### Work item
Report each line of the data that contains the string "VECTOR".

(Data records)
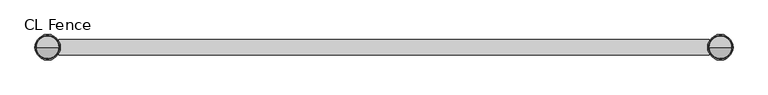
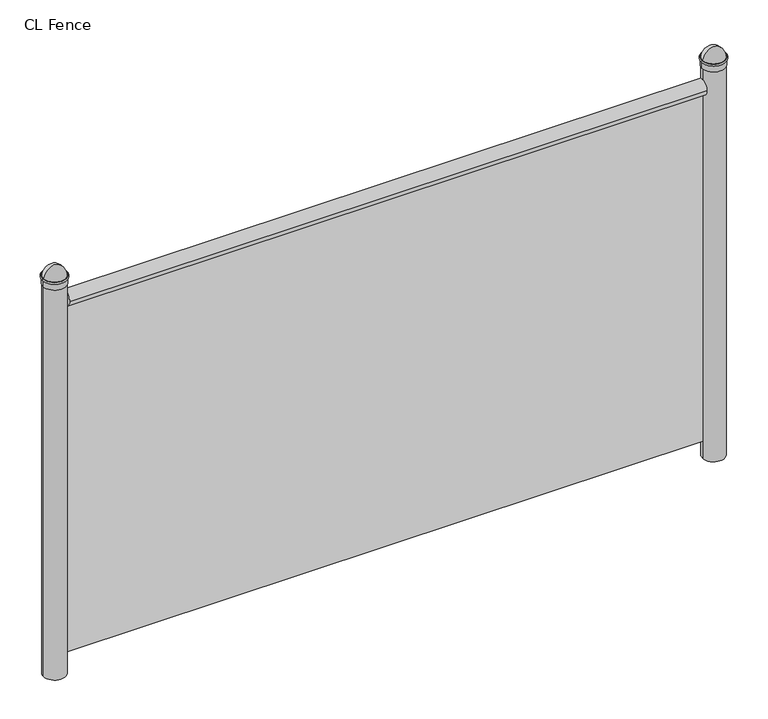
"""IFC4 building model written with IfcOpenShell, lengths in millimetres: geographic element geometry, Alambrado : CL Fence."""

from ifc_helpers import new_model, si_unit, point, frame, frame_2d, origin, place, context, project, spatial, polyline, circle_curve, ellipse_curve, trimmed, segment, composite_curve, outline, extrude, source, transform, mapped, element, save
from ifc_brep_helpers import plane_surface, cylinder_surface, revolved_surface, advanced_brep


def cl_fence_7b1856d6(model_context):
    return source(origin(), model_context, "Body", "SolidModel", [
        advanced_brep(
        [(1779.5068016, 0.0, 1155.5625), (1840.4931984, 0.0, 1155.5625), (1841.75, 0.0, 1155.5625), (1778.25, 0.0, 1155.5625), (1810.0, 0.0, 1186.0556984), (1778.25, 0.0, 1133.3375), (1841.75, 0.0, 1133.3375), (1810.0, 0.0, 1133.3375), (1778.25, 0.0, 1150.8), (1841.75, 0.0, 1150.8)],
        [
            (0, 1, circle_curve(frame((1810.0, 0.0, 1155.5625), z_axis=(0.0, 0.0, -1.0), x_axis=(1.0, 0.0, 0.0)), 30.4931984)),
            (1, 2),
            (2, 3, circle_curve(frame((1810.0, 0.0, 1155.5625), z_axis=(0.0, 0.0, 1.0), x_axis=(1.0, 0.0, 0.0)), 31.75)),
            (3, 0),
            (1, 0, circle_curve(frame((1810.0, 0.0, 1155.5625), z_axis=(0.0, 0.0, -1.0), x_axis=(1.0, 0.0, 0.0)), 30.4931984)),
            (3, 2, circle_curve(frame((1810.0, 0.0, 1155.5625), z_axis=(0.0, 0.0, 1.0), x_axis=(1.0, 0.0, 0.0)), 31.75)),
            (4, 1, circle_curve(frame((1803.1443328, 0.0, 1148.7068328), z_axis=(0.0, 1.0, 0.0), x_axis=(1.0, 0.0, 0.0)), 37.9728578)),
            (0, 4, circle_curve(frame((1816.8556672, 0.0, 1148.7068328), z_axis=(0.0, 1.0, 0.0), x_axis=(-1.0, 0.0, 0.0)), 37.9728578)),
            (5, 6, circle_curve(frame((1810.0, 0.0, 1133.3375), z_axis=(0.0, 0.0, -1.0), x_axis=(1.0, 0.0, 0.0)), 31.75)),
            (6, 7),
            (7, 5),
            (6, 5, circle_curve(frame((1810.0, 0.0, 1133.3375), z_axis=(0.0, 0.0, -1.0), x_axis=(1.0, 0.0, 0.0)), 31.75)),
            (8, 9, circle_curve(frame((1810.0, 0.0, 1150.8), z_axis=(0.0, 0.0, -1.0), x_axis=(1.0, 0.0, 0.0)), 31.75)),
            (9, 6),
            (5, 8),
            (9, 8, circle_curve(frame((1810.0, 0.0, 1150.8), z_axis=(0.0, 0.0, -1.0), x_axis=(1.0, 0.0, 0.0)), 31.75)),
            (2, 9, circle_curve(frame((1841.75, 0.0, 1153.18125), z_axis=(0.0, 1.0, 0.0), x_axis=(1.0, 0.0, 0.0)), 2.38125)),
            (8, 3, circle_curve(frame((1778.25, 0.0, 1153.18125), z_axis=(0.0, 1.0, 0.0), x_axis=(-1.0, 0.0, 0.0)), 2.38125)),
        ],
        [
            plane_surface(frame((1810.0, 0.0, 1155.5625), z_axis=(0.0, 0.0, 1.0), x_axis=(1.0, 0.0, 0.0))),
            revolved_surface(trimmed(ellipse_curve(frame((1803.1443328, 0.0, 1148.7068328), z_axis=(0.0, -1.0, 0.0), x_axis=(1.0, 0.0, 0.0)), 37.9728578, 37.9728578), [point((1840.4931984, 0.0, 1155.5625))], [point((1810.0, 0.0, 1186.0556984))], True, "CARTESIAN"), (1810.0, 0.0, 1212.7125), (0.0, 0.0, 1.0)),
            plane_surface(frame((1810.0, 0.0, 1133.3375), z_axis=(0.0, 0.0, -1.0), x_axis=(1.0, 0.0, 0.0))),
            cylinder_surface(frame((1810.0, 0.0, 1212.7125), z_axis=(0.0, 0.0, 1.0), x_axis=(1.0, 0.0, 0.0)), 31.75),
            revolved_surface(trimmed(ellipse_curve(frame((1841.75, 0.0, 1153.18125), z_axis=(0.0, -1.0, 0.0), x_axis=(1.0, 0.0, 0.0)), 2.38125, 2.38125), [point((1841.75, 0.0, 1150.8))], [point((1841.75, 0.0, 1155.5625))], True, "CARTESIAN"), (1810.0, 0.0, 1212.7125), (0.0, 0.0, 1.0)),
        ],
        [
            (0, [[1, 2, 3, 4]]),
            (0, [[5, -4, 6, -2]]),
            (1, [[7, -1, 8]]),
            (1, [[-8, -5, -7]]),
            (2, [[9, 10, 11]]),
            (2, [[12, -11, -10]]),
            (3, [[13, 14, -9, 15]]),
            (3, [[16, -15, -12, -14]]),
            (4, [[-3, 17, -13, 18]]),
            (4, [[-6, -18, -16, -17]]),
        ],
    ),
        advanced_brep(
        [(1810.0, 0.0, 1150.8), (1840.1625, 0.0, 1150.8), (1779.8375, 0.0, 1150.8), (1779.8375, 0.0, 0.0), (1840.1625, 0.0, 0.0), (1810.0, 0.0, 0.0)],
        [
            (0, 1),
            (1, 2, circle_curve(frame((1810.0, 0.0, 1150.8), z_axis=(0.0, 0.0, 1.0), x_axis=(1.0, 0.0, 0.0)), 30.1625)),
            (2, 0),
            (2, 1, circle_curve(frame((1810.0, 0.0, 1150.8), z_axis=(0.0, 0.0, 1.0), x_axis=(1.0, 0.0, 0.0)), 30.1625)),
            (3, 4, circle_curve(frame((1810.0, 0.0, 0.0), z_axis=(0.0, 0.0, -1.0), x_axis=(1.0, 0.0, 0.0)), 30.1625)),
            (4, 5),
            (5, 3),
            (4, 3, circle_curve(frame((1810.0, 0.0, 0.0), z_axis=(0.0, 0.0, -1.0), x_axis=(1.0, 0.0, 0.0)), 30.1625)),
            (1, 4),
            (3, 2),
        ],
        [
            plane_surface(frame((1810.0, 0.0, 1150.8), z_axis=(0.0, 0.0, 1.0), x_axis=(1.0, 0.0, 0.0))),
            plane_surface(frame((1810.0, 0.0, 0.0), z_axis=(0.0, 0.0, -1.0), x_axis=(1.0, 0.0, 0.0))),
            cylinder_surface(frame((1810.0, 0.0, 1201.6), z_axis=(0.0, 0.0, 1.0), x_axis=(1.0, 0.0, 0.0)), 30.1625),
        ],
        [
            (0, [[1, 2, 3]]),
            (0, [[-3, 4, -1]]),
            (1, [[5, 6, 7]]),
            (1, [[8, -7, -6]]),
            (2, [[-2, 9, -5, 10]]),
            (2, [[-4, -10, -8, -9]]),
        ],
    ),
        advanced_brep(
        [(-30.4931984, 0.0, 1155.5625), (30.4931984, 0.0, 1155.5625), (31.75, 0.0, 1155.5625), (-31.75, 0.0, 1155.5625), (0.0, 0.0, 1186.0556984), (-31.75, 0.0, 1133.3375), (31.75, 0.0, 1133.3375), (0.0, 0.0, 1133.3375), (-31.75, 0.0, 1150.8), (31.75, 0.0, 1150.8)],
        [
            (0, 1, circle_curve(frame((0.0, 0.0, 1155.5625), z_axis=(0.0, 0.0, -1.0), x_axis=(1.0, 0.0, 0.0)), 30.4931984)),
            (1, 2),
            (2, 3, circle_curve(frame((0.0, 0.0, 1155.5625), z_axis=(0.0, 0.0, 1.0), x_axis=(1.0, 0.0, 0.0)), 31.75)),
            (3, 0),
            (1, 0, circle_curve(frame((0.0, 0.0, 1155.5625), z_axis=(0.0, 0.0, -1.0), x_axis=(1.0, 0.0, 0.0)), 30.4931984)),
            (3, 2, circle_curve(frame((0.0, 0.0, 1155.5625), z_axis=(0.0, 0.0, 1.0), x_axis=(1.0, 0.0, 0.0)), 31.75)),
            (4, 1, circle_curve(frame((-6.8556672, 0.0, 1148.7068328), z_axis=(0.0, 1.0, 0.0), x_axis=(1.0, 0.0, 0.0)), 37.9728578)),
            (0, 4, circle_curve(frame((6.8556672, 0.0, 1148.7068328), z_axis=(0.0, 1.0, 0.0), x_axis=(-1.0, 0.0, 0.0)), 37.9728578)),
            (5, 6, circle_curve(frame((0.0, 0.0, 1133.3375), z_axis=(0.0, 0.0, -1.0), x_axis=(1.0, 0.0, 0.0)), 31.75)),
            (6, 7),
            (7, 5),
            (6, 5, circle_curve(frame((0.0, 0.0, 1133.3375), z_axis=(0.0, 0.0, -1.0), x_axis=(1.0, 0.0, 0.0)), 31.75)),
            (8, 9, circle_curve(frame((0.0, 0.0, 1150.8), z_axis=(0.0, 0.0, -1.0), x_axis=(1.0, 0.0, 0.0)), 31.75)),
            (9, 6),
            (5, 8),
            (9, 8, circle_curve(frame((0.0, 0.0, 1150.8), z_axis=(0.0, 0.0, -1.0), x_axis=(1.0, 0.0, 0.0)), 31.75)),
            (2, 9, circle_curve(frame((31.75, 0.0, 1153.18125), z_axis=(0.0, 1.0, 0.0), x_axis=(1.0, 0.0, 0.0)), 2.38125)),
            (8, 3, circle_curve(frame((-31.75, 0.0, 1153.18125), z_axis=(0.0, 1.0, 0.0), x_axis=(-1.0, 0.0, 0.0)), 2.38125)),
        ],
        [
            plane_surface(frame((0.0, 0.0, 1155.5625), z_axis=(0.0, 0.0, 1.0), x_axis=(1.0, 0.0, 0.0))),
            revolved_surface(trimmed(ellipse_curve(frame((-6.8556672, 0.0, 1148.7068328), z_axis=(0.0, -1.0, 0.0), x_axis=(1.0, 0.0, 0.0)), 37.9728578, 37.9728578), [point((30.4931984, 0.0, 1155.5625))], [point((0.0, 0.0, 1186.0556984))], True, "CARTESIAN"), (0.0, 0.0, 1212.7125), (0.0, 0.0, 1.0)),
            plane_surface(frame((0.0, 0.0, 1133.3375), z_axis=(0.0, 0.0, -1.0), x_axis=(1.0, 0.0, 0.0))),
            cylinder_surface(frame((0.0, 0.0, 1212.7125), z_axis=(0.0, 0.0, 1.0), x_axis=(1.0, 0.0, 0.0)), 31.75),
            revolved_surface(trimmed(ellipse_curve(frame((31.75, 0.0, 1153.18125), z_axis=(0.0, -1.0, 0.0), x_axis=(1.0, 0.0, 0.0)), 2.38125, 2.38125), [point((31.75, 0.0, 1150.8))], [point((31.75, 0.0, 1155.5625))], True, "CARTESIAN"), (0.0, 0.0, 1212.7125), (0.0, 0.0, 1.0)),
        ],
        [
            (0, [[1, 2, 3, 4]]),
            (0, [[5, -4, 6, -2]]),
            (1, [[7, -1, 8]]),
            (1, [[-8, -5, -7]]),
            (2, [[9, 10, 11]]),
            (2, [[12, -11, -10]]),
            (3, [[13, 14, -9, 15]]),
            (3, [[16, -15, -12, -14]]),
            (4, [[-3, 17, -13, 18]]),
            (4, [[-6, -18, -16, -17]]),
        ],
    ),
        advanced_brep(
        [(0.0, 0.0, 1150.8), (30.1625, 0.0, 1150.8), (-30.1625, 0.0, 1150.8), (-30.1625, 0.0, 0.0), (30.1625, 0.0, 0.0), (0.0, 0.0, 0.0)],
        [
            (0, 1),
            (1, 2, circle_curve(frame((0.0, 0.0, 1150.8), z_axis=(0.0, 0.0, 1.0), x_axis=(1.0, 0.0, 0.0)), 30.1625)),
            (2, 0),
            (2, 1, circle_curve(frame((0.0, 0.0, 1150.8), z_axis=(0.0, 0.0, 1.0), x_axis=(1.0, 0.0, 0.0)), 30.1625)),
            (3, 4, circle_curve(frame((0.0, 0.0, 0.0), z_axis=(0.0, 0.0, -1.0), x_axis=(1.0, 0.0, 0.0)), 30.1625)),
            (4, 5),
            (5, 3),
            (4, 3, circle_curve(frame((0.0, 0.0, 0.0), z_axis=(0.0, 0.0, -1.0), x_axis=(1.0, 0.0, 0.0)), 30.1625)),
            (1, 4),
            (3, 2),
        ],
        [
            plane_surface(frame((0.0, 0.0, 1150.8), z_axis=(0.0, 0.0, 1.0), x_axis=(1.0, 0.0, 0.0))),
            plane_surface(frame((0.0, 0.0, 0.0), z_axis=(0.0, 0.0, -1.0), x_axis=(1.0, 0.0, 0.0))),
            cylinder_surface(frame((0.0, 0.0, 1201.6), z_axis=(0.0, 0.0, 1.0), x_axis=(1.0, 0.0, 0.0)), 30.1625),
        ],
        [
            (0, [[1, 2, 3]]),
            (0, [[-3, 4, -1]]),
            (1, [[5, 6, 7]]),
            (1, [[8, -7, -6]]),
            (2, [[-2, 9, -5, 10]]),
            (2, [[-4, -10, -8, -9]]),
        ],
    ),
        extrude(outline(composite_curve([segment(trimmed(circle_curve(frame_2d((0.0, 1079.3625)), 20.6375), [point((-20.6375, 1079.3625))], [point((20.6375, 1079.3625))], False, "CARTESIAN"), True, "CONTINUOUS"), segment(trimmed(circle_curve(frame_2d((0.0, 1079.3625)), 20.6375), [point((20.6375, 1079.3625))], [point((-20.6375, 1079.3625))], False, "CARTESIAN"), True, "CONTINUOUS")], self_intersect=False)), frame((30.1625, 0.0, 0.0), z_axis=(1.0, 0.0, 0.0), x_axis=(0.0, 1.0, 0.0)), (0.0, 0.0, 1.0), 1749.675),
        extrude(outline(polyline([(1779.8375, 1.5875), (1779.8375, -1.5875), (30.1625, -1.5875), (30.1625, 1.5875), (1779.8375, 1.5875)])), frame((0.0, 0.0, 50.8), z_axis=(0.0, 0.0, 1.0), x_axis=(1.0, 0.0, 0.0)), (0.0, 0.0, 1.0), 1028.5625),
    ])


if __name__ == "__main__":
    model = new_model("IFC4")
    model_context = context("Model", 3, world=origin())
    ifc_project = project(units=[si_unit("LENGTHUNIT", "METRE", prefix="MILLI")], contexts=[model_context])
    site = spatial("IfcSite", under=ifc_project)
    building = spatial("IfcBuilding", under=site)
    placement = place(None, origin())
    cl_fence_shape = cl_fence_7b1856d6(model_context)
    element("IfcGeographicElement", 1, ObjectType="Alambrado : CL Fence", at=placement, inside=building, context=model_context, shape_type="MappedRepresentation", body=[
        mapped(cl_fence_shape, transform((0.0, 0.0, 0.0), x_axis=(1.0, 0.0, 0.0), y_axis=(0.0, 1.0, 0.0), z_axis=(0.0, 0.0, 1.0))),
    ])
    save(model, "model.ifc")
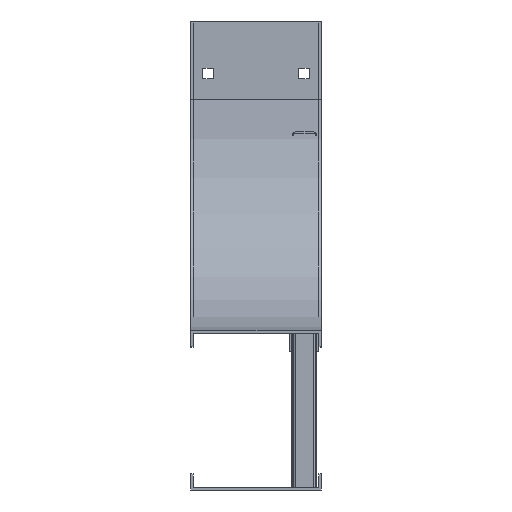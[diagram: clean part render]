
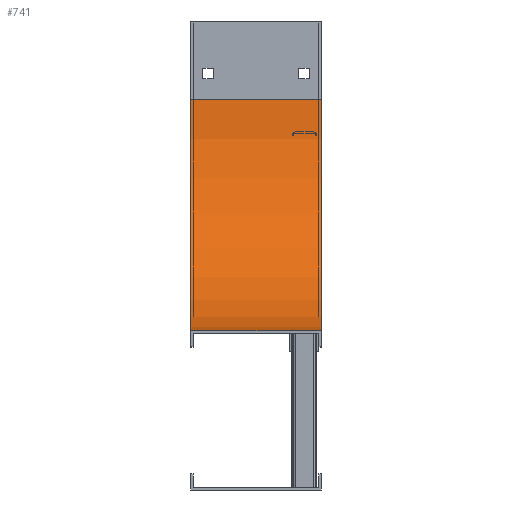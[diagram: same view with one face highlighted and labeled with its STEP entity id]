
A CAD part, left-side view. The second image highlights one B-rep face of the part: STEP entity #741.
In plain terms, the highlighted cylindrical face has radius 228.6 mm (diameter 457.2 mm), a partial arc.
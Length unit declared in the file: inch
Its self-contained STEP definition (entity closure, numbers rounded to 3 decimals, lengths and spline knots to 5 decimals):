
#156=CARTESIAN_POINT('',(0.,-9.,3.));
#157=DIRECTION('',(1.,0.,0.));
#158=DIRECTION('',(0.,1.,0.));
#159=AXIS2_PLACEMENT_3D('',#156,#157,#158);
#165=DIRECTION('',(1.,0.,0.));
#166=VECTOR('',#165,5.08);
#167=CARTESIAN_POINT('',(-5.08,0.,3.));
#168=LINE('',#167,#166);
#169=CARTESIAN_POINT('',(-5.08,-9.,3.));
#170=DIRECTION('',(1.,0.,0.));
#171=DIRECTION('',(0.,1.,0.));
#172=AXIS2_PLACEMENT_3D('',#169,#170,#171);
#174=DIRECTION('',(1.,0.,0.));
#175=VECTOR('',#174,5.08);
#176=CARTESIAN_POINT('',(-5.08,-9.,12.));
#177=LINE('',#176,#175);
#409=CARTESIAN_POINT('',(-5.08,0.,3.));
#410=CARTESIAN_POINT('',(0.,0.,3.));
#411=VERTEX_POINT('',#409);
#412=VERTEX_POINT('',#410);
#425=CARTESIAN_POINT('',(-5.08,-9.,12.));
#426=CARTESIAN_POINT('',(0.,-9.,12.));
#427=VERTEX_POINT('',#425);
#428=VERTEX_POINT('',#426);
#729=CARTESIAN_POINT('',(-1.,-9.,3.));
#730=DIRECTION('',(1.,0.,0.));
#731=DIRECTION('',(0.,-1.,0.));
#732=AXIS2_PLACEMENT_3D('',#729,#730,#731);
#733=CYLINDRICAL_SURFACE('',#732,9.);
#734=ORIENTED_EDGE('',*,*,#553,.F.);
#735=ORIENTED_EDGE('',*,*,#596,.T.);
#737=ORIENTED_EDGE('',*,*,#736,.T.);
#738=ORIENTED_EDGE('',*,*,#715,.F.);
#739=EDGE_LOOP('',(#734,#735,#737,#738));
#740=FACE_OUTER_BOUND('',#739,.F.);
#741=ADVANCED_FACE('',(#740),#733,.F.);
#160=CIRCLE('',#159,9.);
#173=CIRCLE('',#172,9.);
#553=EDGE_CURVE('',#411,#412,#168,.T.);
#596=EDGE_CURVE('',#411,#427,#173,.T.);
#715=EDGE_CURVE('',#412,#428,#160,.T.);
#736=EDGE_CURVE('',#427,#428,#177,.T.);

### Answer box
#166=VECTOR('',#165,5.08);
#175=VECTOR('',#174,5.08);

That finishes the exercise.